(Recorded data)
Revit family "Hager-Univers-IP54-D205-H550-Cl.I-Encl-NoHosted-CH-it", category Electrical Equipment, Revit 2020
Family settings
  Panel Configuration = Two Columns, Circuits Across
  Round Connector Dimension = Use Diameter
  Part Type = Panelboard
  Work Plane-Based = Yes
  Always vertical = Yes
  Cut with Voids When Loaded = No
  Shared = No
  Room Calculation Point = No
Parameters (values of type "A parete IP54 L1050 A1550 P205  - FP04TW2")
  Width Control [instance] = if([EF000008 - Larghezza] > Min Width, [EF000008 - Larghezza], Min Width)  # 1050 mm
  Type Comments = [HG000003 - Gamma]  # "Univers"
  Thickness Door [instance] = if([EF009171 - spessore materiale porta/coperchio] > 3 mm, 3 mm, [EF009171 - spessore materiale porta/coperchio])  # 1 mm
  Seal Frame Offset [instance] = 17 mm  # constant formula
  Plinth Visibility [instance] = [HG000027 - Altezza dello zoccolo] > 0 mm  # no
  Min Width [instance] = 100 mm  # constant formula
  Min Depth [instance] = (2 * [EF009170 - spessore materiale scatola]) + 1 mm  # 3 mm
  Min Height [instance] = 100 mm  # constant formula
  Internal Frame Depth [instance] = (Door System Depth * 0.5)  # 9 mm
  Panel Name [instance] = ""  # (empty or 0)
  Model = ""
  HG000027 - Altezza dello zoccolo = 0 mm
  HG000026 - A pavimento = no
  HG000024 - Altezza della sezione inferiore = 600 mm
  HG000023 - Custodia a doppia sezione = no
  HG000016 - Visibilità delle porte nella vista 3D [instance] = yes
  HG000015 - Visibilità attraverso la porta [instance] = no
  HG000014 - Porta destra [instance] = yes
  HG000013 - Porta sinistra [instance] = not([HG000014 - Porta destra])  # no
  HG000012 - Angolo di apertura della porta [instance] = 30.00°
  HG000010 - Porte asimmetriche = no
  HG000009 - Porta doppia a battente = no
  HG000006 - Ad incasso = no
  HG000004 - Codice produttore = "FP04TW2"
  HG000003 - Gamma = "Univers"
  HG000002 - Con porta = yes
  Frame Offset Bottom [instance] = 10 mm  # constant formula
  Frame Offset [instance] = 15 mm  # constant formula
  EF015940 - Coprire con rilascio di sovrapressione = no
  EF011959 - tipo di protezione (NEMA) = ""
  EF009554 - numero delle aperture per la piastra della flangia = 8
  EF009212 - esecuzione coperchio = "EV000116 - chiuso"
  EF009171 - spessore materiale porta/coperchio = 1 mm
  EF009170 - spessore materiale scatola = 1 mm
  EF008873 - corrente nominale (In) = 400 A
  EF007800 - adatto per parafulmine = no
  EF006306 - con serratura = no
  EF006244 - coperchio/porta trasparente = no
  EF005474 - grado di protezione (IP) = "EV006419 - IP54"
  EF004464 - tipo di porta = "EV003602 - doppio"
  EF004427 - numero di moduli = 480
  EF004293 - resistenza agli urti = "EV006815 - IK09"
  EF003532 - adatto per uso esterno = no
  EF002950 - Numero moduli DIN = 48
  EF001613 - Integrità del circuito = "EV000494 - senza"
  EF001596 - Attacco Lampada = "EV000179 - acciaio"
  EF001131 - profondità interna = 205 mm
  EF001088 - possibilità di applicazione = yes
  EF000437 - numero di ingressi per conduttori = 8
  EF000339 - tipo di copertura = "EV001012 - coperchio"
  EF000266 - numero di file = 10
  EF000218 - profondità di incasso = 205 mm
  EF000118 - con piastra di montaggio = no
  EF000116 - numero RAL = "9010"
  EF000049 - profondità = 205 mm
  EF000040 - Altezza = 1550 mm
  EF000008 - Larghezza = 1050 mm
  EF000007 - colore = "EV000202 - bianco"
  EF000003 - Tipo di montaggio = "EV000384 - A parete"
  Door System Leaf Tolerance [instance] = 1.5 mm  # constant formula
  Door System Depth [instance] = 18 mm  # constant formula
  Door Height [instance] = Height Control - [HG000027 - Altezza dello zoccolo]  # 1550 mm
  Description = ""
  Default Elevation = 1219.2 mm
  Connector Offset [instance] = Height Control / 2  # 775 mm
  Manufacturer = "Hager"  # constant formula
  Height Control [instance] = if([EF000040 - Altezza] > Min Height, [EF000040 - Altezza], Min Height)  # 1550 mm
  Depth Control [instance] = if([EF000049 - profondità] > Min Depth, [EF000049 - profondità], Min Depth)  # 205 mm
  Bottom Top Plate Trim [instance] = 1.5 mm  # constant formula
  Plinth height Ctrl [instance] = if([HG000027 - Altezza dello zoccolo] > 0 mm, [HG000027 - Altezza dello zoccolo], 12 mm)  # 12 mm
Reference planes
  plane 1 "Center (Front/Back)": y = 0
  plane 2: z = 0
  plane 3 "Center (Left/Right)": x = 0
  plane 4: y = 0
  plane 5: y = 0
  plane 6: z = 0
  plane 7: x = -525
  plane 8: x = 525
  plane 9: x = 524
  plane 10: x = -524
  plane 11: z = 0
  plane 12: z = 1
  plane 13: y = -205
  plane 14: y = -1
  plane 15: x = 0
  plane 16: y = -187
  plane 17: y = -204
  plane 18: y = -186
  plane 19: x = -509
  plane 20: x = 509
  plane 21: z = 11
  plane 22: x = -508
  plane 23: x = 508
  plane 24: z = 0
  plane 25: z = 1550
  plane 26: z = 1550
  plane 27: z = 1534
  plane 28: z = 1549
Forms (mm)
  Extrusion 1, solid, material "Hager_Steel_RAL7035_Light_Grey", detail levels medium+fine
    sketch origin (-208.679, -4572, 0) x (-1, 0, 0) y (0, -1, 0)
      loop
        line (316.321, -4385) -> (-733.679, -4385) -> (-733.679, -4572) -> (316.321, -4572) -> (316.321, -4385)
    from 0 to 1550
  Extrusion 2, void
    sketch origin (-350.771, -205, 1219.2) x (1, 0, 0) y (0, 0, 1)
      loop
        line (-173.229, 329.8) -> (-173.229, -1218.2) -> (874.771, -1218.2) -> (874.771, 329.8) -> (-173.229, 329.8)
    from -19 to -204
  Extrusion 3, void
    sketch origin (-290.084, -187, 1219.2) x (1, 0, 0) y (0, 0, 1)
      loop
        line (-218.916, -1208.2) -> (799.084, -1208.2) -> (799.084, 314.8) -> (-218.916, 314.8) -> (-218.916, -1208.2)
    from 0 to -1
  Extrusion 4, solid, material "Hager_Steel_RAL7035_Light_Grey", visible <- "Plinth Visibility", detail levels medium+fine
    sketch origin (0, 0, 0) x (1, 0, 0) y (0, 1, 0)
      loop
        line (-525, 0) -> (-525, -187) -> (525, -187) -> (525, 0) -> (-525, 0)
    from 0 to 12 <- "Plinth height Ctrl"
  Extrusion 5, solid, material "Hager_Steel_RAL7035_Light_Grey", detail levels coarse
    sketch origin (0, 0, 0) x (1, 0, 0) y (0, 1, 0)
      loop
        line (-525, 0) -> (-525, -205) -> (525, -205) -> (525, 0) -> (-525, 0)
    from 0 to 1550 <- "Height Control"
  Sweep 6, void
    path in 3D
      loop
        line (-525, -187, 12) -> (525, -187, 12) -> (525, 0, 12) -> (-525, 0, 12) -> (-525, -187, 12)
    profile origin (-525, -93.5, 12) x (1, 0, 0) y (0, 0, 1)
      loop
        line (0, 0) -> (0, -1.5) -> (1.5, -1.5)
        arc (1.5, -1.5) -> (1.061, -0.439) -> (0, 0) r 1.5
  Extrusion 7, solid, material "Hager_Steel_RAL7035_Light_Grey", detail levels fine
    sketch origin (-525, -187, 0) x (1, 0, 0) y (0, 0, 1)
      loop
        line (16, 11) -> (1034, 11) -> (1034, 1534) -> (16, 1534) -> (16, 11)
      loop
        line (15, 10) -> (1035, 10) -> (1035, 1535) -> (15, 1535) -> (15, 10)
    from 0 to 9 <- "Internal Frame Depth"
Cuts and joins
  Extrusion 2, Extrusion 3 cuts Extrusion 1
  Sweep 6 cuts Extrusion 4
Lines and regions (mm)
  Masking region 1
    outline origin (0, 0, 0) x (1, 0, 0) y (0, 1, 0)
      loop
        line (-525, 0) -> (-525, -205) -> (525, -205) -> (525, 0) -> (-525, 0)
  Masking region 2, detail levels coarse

▶ _WHAT TO DO_
The lines running from the start of the data through the one that contains "Parameters (values of" should be reproduced exactly, and only those.

▶ _TASK RESPONSE_
Revit family "Hager-Univers-IP54-D205-H550-Cl.I-Encl-NoHosted-CH-it", category Electrical Equipment, Revit 2020
Family settings
  Panel Configuration = Two Columns, Circuits Across
  Round Connector Dimension = Use Diameter
  Part Type = Panelboard
  Work Plane-Based = Yes
  Always vertical = Yes
  Cut with Voids When Loaded = No
  Shared = No
  Room Calculation Point = No
Parameters (values of type "A parete IP54 L1050 A1550 P205  - FP04TW2")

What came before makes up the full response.